- [PROBLEM DETAILS]: Look through the data below and extract, unchanged, the lines from the one that contains "#14506 = CARTESIAN_POINT" to the one that contains "#16081 = CARTESIAN_POINT", both included.
-------------------------
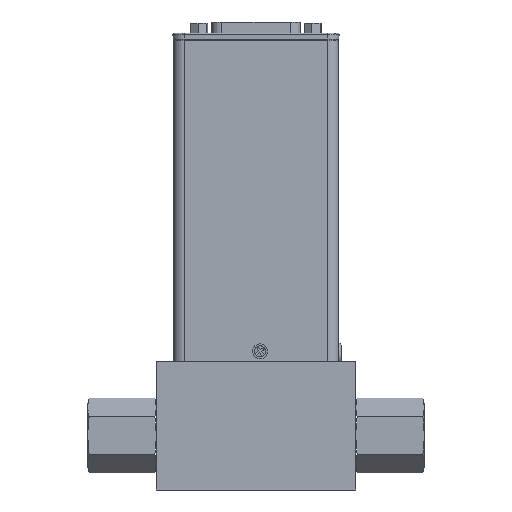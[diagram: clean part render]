
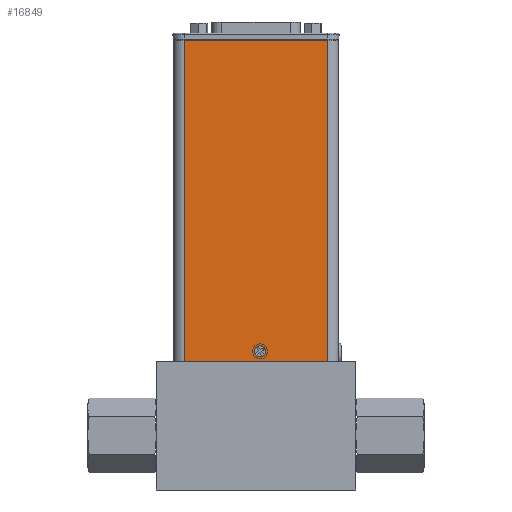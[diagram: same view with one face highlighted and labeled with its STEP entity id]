
A CAD part, front view. The second image highlights one B-rep face of the part: STEP entity #16849.
In plain terms, the highlighted planar face has unit normal (0, -1, 0).
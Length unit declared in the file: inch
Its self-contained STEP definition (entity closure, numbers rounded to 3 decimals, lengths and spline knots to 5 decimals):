
#40 = PLANE ( 'NONE',  #6778 ) ;
#91 = CARTESIAN_POINT ( 'NONE',  ( 1.07761, 0.008, 1.60311 ) ) ;
#501 = VERTEX_POINT ( 'NONE', #10900 ) ;
#835 = VECTOR ( 'NONE', #18240, 39.37008 ) ;
#1356 = EDGE_LOOP ( 'NONE', ( #12074, #10942 ) ) ;
#1459 = EDGE_LOOP ( 'NONE', ( #6883, #3824, #6702, #12243 ) ) ;
#1508 = CARTESIAN_POINT ( 'NONE',  ( 1.03036, 0.008, 5.19964 ) ) ;
#1646 = DIRECTION ( 'NONE',  ( 0., 0., 1. ) ) ;
#2228 = CARTESIAN_POINT ( 'NONE',  ( 0.20236, 0.008, 1.48511 ) ) ;
#2506 = LINE ( 'NONE', #1508, #14102 ) ;
#3824 = ORIENTED_EDGE ( 'NONE', *, *, #16471, .T. ) ;
#4128 = AXIS2_PLACEMENT_3D ( 'NONE', #5815, #16367, #7346 ) ;
#4290 = EDGE_CURVE ( 'NONE', #5329, #18066, #2506, .T. ) ;
#4683 = DIRECTION ( 'NONE',  ( 0., -1., 0. ) ) ;
#5329 = VERTEX_POINT ( 'NONE', #18233 ) ;
#5815 = CARTESIAN_POINT ( 'NONE',  ( 1.07761, 0.008, 1.60311 ) ) ;
#6154 = CARTESIAN_POINT ( 'NONE',  ( 1.85836, 0.008, 1.48511 ) ) ;
#6649 = AXIS2_PLACEMENT_3D ( 'NONE', #91, #10733, #1646 ) ;
#6702 = ORIENTED_EDGE ( 'NONE', *, *, #16285, .T. ) ;
#6710 = VECTOR ( 'NONE', #13595, 39.37008 ) ;
#6778 = AXIS2_PLACEMENT_3D ( 'NONE', #12198, #4683, #15232 ) ;
#6823 = EDGE_CURVE ( 'NONE', #12743, #501, #18616, .T. ) ;
#6883 = ORIENTED_EDGE ( 'NONE', *, *, #4290, .T. ) ;
#7346 = DIRECTION ( 'NONE',  ( 0., 0., 1. ) ) ;
#7560 = CARTESIAN_POINT ( 'NONE',  ( 1.03036, 0.008, 1.48511 ) ) ;
#7609 = VERTEX_POINT ( 'NONE', #17296 ) ;
#10214 = FACE_BOUND ( 'NONE', #1356, .T. ) ;
#10645 = EDGE_CURVE ( 'NONE', #501, #12743, #13382, .T. ) ;
#10733 = DIRECTION ( 'NONE',  ( 0., 1., 0. ) ) ;
#10900 = CARTESIAN_POINT ( 'NONE',  ( 1.07761, 0.008, 1.6661 ) ) ;
#10942 = ORIENTED_EDGE ( 'NONE', *, *, #6823, .T. ) ;
#11223 = VERTEX_POINT ( 'NONE', #16081 ) ;
#11310 = DIRECTION ( 'NONE',  ( 0., 0., -1. ) ) ;
#11420 = LINE ( 'NONE', #2228, #19462 ) ;
#12074 = ORIENTED_EDGE ( 'NONE', *, *, #10645, .T. ) ;
#12198 = CARTESIAN_POINT ( 'NONE',  ( 1.03036, 0.008, 1.48511 ) ) ;
#12243 = ORIENTED_EDGE ( 'NONE', *, *, #15550, .T. ) ;
#12743 = VERTEX_POINT ( 'NONE', #14788 ) ;
#13382 = CIRCLE ( 'NONE', #4128, 0.06299 ) ;
#13595 = DIRECTION ( 'NONE',  ( 1., 0., 0. ) ) ;
#13755 = FACE_OUTER_BOUND ( 'NONE', #1459, .T. ) ;
#14102 = VECTOR ( 'NONE', #15162, 39.37008 ) ;
#14506 = CARTESIAN_POINT ( 'NONE',  ( 0.20236, 0.008, 5.19964 ) ) ;
#14788 = CARTESIAN_POINT ( 'NONE',  ( 1.07761, 0.008, 1.54012 ) ) ;
#15162 = DIRECTION ( 'NONE',  ( -1., 0., 0. ) ) ;
#15232 = DIRECTION ( 'NONE',  ( 0., 0., -1. ) ) ;
#15550 = EDGE_CURVE ( 'NONE', #7609, #5329, #19597, .T. ) ;
#16081 = CARTESIAN_POINT ( 'NONE',  ( 0.20236, 0.008, 1.48511 ) ) ;
#16285 = EDGE_CURVE ( 'NONE', #11223, #7609, #18279, .T. ) ;
#16367 = DIRECTION ( 'NONE',  ( 0., 1., 0. ) ) ;
#16471 = EDGE_CURVE ( 'NONE', #18066, #11223, #11420, .T. ) ;
#16849 = ADVANCED_FACE ( 'NONE', ( #13755, #10214 ), #40, .T. ) ;
#17296 = CARTESIAN_POINT ( 'NONE',  ( 1.85836, 0.008, 1.48511 ) ) ;
#18066 = VERTEX_POINT ( 'NONE', #14506 ) ;
#18233 = CARTESIAN_POINT ( 'NONE',  ( 1.85836, 0.008, 5.19964 ) ) ;
#18240 = DIRECTION ( 'NONE',  ( 0., 0., 1. ) ) ;
#18279 = LINE ( 'NONE', #7560, #6710 ) ;
#18616 = CIRCLE ( 'NONE', #6649, 0.06299 ) ;
#19462 = VECTOR ( 'NONE', #11310, 39.37008 ) ;
#19597 = LINE ( 'NONE', #6154, #835 ) ;
-------------------------
- [RESPONSE AREA]:
#14506 = CARTESIAN_POINT ( 'NONE',  ( 0.20236, 0.008, 5.19964 ) ) ;
#14788 = CARTESIAN_POINT ( 'NONE',  ( 1.07761, 0.008, 1.54012 ) ) ;
#15162 = DIRECTION ( 'NONE',  ( -1., 0., 0. ) ) ;
#15232 = DIRECTION ( 'NONE',  ( 0., 0., -1. ) ) ;
#15550 = EDGE_CURVE ( 'NONE', #7609, #5329, #19597, .T. ) ;
#16081 = CARTESIAN_POINT ( 'NONE',  ( 0.20236, 0.008, 1.48511 ) ) ;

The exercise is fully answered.